Lonjakan Pengguna Pertalite Picu Kekosongan BBM di KLU, Distribusi Kini Berangsur Normal

banner 120x600
banner 468x60

Tanjungtv.com – Kelangkaan BBM jenis pertalite yang sempat dikeluhkan warga Kabupaten Lombok Utara (KLU) ternyata bukan semata akibat pengurangan pasokan dari depo. Peralihan besar-besaran pengguna pertamax ke pertalite menjadi salah satu pemicu utama kekosongan di sejumlah SPBU pekan lalu.

Pengawas SPBU Tanak Song, Kecamatan Tanjung, Sahdan, mengungkapkan bahwa pertamax lebih dulu mengalami kelangkaan. Kondisi itu membuat banyak pengendara beralih menggunakan pertalite. Lonjakan permintaan tersebut tak sebanding dengan stok yang diterima SPBU.

banner 325x300

“Yang sebenarnya sempat langka itu pertamax. Tapi banyak masyarakat yang biasa pakai pertamax beralih ke pertalite, akhirnya permintaan meningkat,” jelas Sahdan.

Ia membenarkan bahwa selama Minggu (16/11) hingga Senin (17/11), beberapa SPBU di KLU kehabisan pertalite. Situasi ini menimbulkan antrean panjang di SPBU yang masih memiliki stok.

Sahdan menjelaskan, SPBU Tanak Song biasanya menerima lima hingga enam kali pengiriman BBM setiap minggu. Namun pekan lalu, pasokan turun drastis menjadi hanya dua kali pengiriman. “Kami sendiri tidak tahu kenapa hanya dikirimi dua kali.
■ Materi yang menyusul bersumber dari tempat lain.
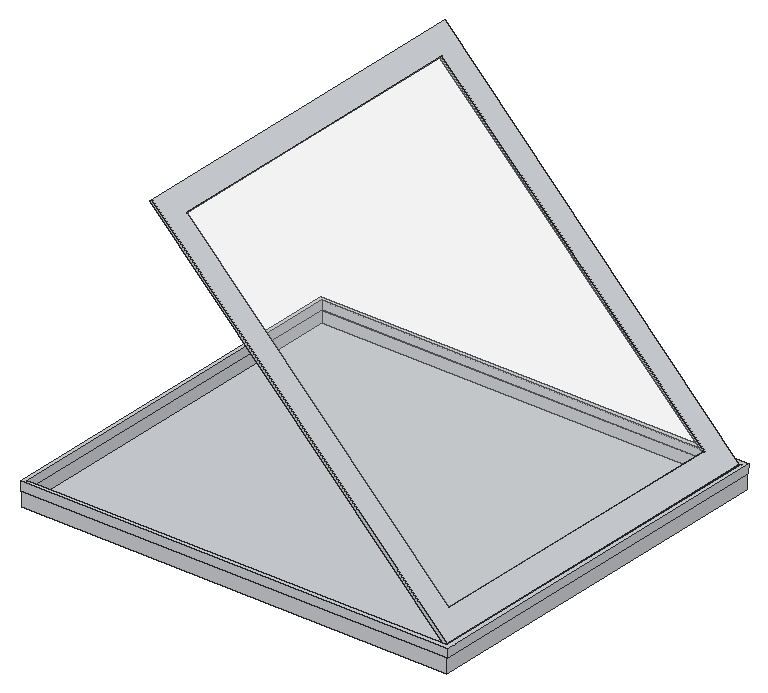
Revit family "Hager-Pablo-IP40-Transparent_Door-vuoto-IT-it", category Electrical Equipment, host Face, Revit 2020
Family settings
  Host = Face
  Panel Configuration = Two Columns, Circuits Across
  Round Connector Dimension = Use Diameter
  Part Type = Panelboard
  Cut with Voids When Loaded = No
  Shared = No
  Room Calculation Point = No
Parameters (values of type "Incassato IP40 L460 A575 P25 18 Unità di divisione - B04958")
  Width Control [instance] = if([HG000006 - Ad incasso], if([EF000846 - larghezza di montaggio] > min_whd, [EF000846 - larghezza di montaggio], min_whd), if([EF000008 - Larghezza] > min_whd, ([EF000008 - Larghezza]), min_whd))  # 460 mm
  Void Depth [instance] = if([HG000006 - Ad incasso], Depth Control, 1 mm)  # 16 mm
  Type Comments = [HG000003 - Gamma]  # "Pablo"
  System Height [instance] = Height Control - 2 * [HG000005 - Spessore]  # 399 mm
  Model = [HG000004 - Codice produttore]  # "B04958"
  HG000017 - Distanza tra i poli = 18 mm
  HG000016 - Visibilità delle porte nella vista 3D [instance] = yes
  HG000015 - Visibilità attraverso la porta [instance] = no
  HG000014 - Porta destra [instance] = yes
  HG000013 - Porta sinistra [instance] = not([HG000014 - Porta destra])  # no
  HG000012 - Angolo di apertura della porta [instance] = 45.00°
  HG000011 - File vuote nella parte basse = no
  HG000010 - Porte asimmetriche = no
  HG000009 - Porta doppia a battente = no
  HG000008 - Numero di file vuote = 0
  HG000007 - Numero di colonne vuote = 0
  HG000006 - Ad incasso = yes
  HG000005 - Spessore = 3 mm  # constant formula
  HG000004 - Codice produttore = "B04958"
  HG000003 - Gamma = "Pablo"
  HG000002 - Con porta = yes
  HG000001 - Numero di colonne = 0
  EF015941 - Segnale di passaggio porta = no
  EF015777 - Morsettiera neutra = no
  EF015776 - Morsettiera di terra = no
  EF009212 - esecuzione coperchio = "EV000116 - chiuso"
  EF006306 - con serratura = no
  EF006244 - coperchio/porta trasparente = yes
  EF005474 - grado di protezione (IP) = "EV006415 - IP40"
  EF004462 - tipo di chiusura = "EV001412 - cilindro"
  EF002950 - Numero moduli DIN = 18
  EF001596 - Attacco Lampada = "EV000139 - plastica"
  EF001134 - barra DIN = yes
  EF001131 - profondità interna = 16 mm
  EF001088 - possibilità di applicazione = yes
  EF001062 - esecuzione EMC = no
  EF000846 - larghezza di montaggio = 460 mm
  EF000339 - tipo di copertura = "EV004216 - porta"
  EF000332 - Altezza della parte incassata = 405 mm
  EF000266 - numero di file = 3
  EF000218 - profondità di incasso = 16 mm
  EF000118 - con piastra di montaggio = no
  EF000116 - numero RAL = "7031"
  EF000049 - profondità = 25 mm
  EF000040 - Altezza = 575 mm
  EF000008 - Larghezza = 460 mm
  EF000007 - colore = "EV000154 - altri"
  EF000003 - Tipo di montaggio = "EV001247 - apparente/incassato"
  Arrow Offset [instance] = Depth Control / 8  # 2 mm
  Arrow Height [instance] = Depth Control - Arrow Offset  # 14 mm
  Host Offset [instance] = if([HG000006 - Ad incasso], 0 mm, [EF000049 - profondità])  # 0 mm
  min_whd [instance] = (2 * [HG000005 - Spessore]) + 1 mm  # 7 mm
  Manufacturer = "Hager"  # constant formula
  Height Control [instance] = if([HG000006 - Ad incasso], if([EF000332 - Altezza della parte incassata] > min_whd, [EF000332 - Altezza della parte incassata], min_whd), if([EF000040 - Altezza] > min_whd, ([EF000040 - Altezza]), min_whd))  # 405 mm
  Flush Mounted - Door Frame Width [instance] = if(([EF000040 - Altezza] - [EF000332 - Altezza della parte incassata]) > 0 mm, if([HG000006 - Ad incasso], [EF000040 - Altezza] - [EF000332 - Altezza della parte incassata], 0 mm), 0 mm)  # 170 mm
  Depth Control [instance] = if([HG000006 - Ad incasso], if([EF000218 - profondità di incasso] > 0 mm, [EF000218 - profondità di incasso], 1 mm), if([EF000049 - profondità] > 0 mm, ([EF000049 - profondità]), 1 mm))  # 16 mm
  Default Elevation = 0 mm
Types (28, lengths in mm): name | Width Control | Void Depth | System Height | Model | HG000006 - Ad incasso | HG000004 - Codice produttore | EF015941 - Segnale di passaggio porta | EF004462 - tipo di chiusura | EF002950 - Numero moduli DIN | EF001134 - barra DIN | EF001131 - profondità interna | EF001088 - possibilità di applicazione | EF000846 - larghezza di montaggio | EF000332 - Altezza della parte incassata | EF000266 - numero di file | EF000218 - profondità di incasso | EF000116 - numero RAL | EF000049 - profondità | EF000040 - Altezza | EF000008 - Larghezza | EF000007 - colore | EF000003 - Tipo di montaggio | Arrow Offset | Arrow Height | Host Offset | Height Control | Flush Mounted - Door Frame Width | Depth Control
  A parete IP40 L175 A191 P25 4 Unità di divisione - B04951 | 175 | 1 | 185 | "B04951" | no | "B04951" | no | "EV001412 - cilindro" | 4 | yes | 16 | yes | 175 | 160 | 1 | 16 | "7031" | 25 | 191 | 175 | "EV000154 - altri" | "EV001247 - apparente/incassato" | 3.125 | 21.875 | 25 | 191 | 0 | 25
  A parete IP40 L211 A191 P25 6 Unità di divisione - B04952 | 211 | 1 | 185 | "B04952" | no | "B04952" | no | "EV001412 - cilindro" | 6 | yes | 16 | yes | 211 | 160 | 1 | 16 | "7031" | 25 | 191 | 211 | "EV000154 - altri" | "EV001247 - apparente/incassato" | 3.125 | 21.875 | 25 | 191 | 0 | 25
  A parete IP40 L280 A235 P25 8 Unità di divisione - B04953 | 280 | 1 | 229 | "B04953" | no | "B04953" | no | "EV001412 - cilindro" | 8 | yes | 16 | yes | 280 | 160 | 1 | 16 | "7031" | 25 | 235 | 280 | "EV000154 - altri" | "EV001247 - apparente/incassato" | 3.125 | 21.875 | 25 | 235 | 0 | 25
  A parete IP40 L352 A275 P25 12 Unità di divisione - B04954 | 352 | 1 | 269 | "B04954" | no | "B04954" | no | "EV001412 - cilindro" | 12 | yes | 16 | yes | 352 | 160 | 1 | 16 | "7031" | 25 | 275 | 352 | "EV000154 - altri" | "EV001247 - apparente/incassato" | 3.125 | 21.875 | 25 | 275 | 0 | 25
  A parete IP40 L352 A425 P25 12 Unità di divisione - B04956 | 352 | 1 | 419 | "B04956" | no | "B04956" | no | "EV001412 - cilindro" | 12 | yes | 16 | yes | 352 | 405 | 2 | 16 | "7031" | 25 | 425 | 352 | "EV000154 - altri" | "EV001247 - apparente/incassato" | 3.125 | 21.875 | 25 | 425 | 0 | 25
  A parete IP40 L352 A575 P25 12 Unità di divisione - B04957 | 352 | 1 | 569 | "B04957" | no | "B04957" | no | "EV001412 - cilindro" | 12 | yes | 16 | yes | 352 | 405 | 3 | 16 | "7031" | 25 | 575 | 352 | "EV000154 - altri" | "EV001247 - apparente/incassato" | 3.125 | 21.875 | 25 | 575 | 0 | 25
  A parete IP40 L460 A275 P25 18 Unità di divisione - B04955 | 460 | 1 | 269 | "B04955" | no | "B04955" | no | "EV001412 - cilindro" | 18 | yes | 16 | yes | 460 | 160 | 1 | 16 | "7031" | 25 | 275 | 460 | "EV000154 - altri" | "EV001247 - apparente/incassato" | 3.125 | 21.875 | 25 | 275 | 0 | 25
  A parete IP40 L460 A575 P25 18 Unità di divisione - B04958 | 460 | 1 | 569 | "B04958" | no | "B04958" | no | "EV001412 - cilindro" | 18 | yes | 16 | yes | 460 | 405 | 3 | 16 | "7031" | 25 | 575 | 460 | "EV000154 - altri" | "EV001247 - apparente/incassato" | 3.125 | 21.875 | 25 | 575 | 0 | 25
  incassato IP40 L169 A180 P99 4 Unità di divisione - B04100 | 169 | 74 | 154 | "B04100" | yes | "B04100" | yes | "EV000154 - altri" | 4 | yes | 99 | no | 169 | 160 | 1 | 74 | "9016" | 99 | 180 | 169 | "EV000202 - bianco" | "EV000383 - incassato" | 9.25 | 64.75 | 0 | 160 | 20 | 74
  Incassato IP40 L175 A191 P25 4 Unità di divisione - B04951 | 175 | 16 | 154 | "B04951" | yes | "B04951" | no | "EV001412 - cilindro" | 4 | yes | 16 | yes | 175 | 160 | 1 | 16 | "7031" | 25 | 191 | 175 | "EV000154 - altri" | "EV001247 - apparente/incassato" | 2 | 14 | 0 | 160 | 31 | 16
  incassato IP40 L205 A180 P101 6 Unità di divisione - B04146 | 205 | 74 | 154 | "B04146" | yes | "B04146" | yes | "EV000154 - altri" | 6 | yes | 101 | no | 205 | 160 | 1 | 74 | "9016" | 101 | 180 | 205 | "EV000270 - grigio" | "EV000383 - incassato" | 9.25 | 64.75 | 0 | 160 | 20 | 74
  Incassato IP40 L211 A191 P25 6 Unità di divisione - B04952 | 211 | 16 | 154 | "B04952" | yes | "B04952" | no | "EV001412 - cilindro" | 6 | yes | 16 | yes | 211 | 160 | 1 | 16 | "7031" | 25 | 191 | 211 | "EV000154 - altri" | "EV001247 - apparente/incassato" | 2 | 14 | 0 | 160 | 31 | 16
  incassato IP40 L261 A225 P102 8 Unità di divisione - B04101 | 261 | 74 | 154 | "B04101" | yes | "B04101" | yes | "EV000154 - altri" | 8 | yes | 48 | no | 261 | 160 | 1 | 74 | "9016" | 102 | 225 | 261 | "EV000270 - grigio" | "EV000383 - incassato" | 9.25 | 64.75 | 0 | 160 | 65 | 74
  incassato IP40 L261 A225 P102 8 Unità di divisione - B04108 | 261 | 74 | 154 | "B04108" | yes | "B04108" | yes | "EV000154 - altri" | 8 | yes | 102 | no | 261 | 160 | 1 | 74 | "9016" | 102 | 225 | 261 | "EV000270 - grigio" | "EV000383 - incassato" | 9.25 | 64.75 | 0 | 160 | 65 | 74
  Incassato IP40 L280 A235 P25 8 Unità di divisione - B04953 | 280 | 16 | 154 | "B04953" | yes | "B04953" | no | "EV001412 - cilindro" | 8 | yes | 16 | yes | 280 | 160 | 1 | 16 | "7031" | 25 | 235 | 280 | "EV000154 - altri" | "EV001247 - apparente/incassato" | 2 | 14 | 0 | 160 | 75 | 16
  incassato IP40 L333 A275 P108 12 Unità di divisione - B04102 | 333 | 77 | 154 | "B04102" | yes | "B04102" | yes | "EV000154 - altri" | 12 | yes | 108 | no | 333 | 160 | 1 | 77 | "9016" | 108 | 275 | 333 | "EV000270 - grigio" | "EV000383 - incassato" | 9.625 | 67.375 | 0 | 160 | 115 | 77
  incassato IP40 L333 A275 P108 8 Unità di divisione - B04109 | 333 | 108 | 154 | "B04109" | yes | "B04109" | yes | "" | 8 | no | 108 | no | 333 | 160 | 1 | 108 | "9016" | 108 | 275 | 333 | "EV000154 - altri" | "EV000383 - incassato" | 13.5 | 94.5 | 0 | 160 | 115 | 108
  incassato IP40 L345 A425 P109 12 Unità di divisione - B04104 | 345 | 77 | 399 | "B04104" | yes | "B04104" | yes | "EV000154 - altri" | 12 | yes | 109 | no | 345 | 405 | 2 | 77 | "9016" | 109 | 425 | 345 | "EV000270 - grigio" | "EV000383 - incassato" | 9.625 | 67.375 | 0 | 405 | 20 | 77
  incassato IP40 L345 A425 P109 12 Unità di divisione - B04110 | 345 | 77 | 399 | "B04110" | yes | "B04110" | yes | "EV000154 - altri" | 12 | yes | 109 | yes | 345 | 405 | 2 | 77 | "" | 109 | 425 | 345 | "EV000154 - altri" | "EV000383 - incassato" | 9.625 | 67.375 | 0 | 405 | 20 | 77
  Incassato IP40 L352 A275 P25 12 Unità di divisione - B04954 | 352 | 16 | 154 | "B04954" | yes | "B04954" | no | "EV001412 - cilindro" | 12 | yes | 16 | yes | 352 | 160 | 1 | 16 | "7031" | 25 | 275 | 352 | "EV000154 - altri" | "EV001247 - apparente/incassato" | 2 | 14 | 0 | 160 | 115 | 16
  Incassato IP40 L352 A425 P25 12 Unità di divisione - B04956 | 352 | 16 | 399 | "B04956" | yes | "B04956" | no | "EV001412 - cilindro" | 12 | yes | 16 | yes | 352 | 405 | 2 | 16 | "7031" | 25 | 425 | 352 | "EV000154 - altri" | "EV001247 - apparente/incassato" | 2 | 14 | 0 | 405 | 20 | 16
  Incassato IP40 L352 A575 P25 12 Unità di divisione - B04957 | 352 | 16 | 399 | "B04957" | yes | "B04957" | no | "EV001412 - cilindro" | 12 | yes | 16 | yes | 352 | 405 | 3 | 16 | "7031" | 25 | 575 | 352 | "EV000154 - altri" | "EV001247 - apparente/incassato" | 2 | 14 | 0 | 405 | 170 | 16
  incassato IP40 L441 A300 P114 18 Unità di divisione - B04103 | 441 | 77 | 154 | "B04103" | yes | "B04103" | yes | "EV000154 - altri" | 18 | yes | 114 | no | 441 | 160 | 1 | 77 | "9016" | 114 | 300 | 441 | "EV000270 - grigio" | "EV000383 - incassato" | 9.625 | 67.375 | 0 | 160 | 140 | 77
  incassato IP40 L455 A475 P114 12 Unità di divisione - B04105 | 455 | 77 | 399 | "B04105" | yes | "B04105" | yes | "EV000154 - altri" | 12 | yes | 114 | no | 455 | 405 | 2 | 77 | "9016" | 114 | 475 | 455 | "EV000270 - grigio" | "EV000383 - incassato" | 9.625 | 67.375 | 0 | 405 | 70 | 77
  incassato IP40 L455 A650 P135 18 Unità di divisione - B04106 | 455 | 77 | 624 | "B04106" | yes | "B04106" | yes | "EV000154 - altri" | 18 | yes | 135 | no | 455 | 630 | 3 | 77 | "9016" | 135 | 650 | 455 | "EV000270 - grigio" | "EV000383 - incassato" | 9.625 | 67.375 | 0 | 630 | 20 | 77
  incassato IP40 L455 A850 P135 18 Unità di divisione - B04147 | 455 | 77 | 815 | "B04147" | yes | "B04147" | yes | "EV000154 - altri" | 18 | yes | 135 | no | 455 | 821 | 4 | 77 | "9016" | 135 | 850 | 455 | "EV000270 - grigio" | "EV000383 - incassato" | 9.625 | 67.375 | 0 | 821 | 29 | 77
  Incassato IP40 L460 A275 P25 18 Unità di divisione - B04955 | 460 | 16 | 154 | "B04955" | yes | "B04955" | no | "EV001412 - cilindro" | 18 | yes | 16 | yes | 460 | 160 | 1 | 16 | "7031" | 25 | 275 | 460 | "EV000154 - altri" | "EV001247 - apparente/incassato" | 2 | 14 | 0 | 160 | 115 | 16
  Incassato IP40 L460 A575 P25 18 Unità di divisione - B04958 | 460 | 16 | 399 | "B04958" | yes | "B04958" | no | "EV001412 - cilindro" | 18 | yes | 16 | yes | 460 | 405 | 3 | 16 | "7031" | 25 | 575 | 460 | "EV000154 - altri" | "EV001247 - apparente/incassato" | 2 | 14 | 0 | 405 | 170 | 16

Soal itu mungkin lebih tepat ditanyakan ke depo,” ujarnya.

Meski sempat tersendat, distribusi BBM di seluruh SPBU KLU kini disebut telah kembali normal. Pengiriman kembali dilakukan setiap hari, sehingga antrean panjang sudah tidak terlihat lagi. Ia berharap kejadian serupa tidak terulang.

Di tengah kelangkaan yang terjadi, sejumlah warga benar-benar kesulitan mendapatkan pertalite. Salah satunya, Revan Purwandi, warga KLU, yang mengaku tak mendapati stok pertalite di SPBU maupun di pengecer sepanjang Senin lalu.

“SPBU di Tanjung sampai Gangga kosong semua. Di pengecer juga tidak ada,” katanya. Revan bahkan terpaksa menyedot bensin dari mobil rekannya untuk mengisi sepeda motornya.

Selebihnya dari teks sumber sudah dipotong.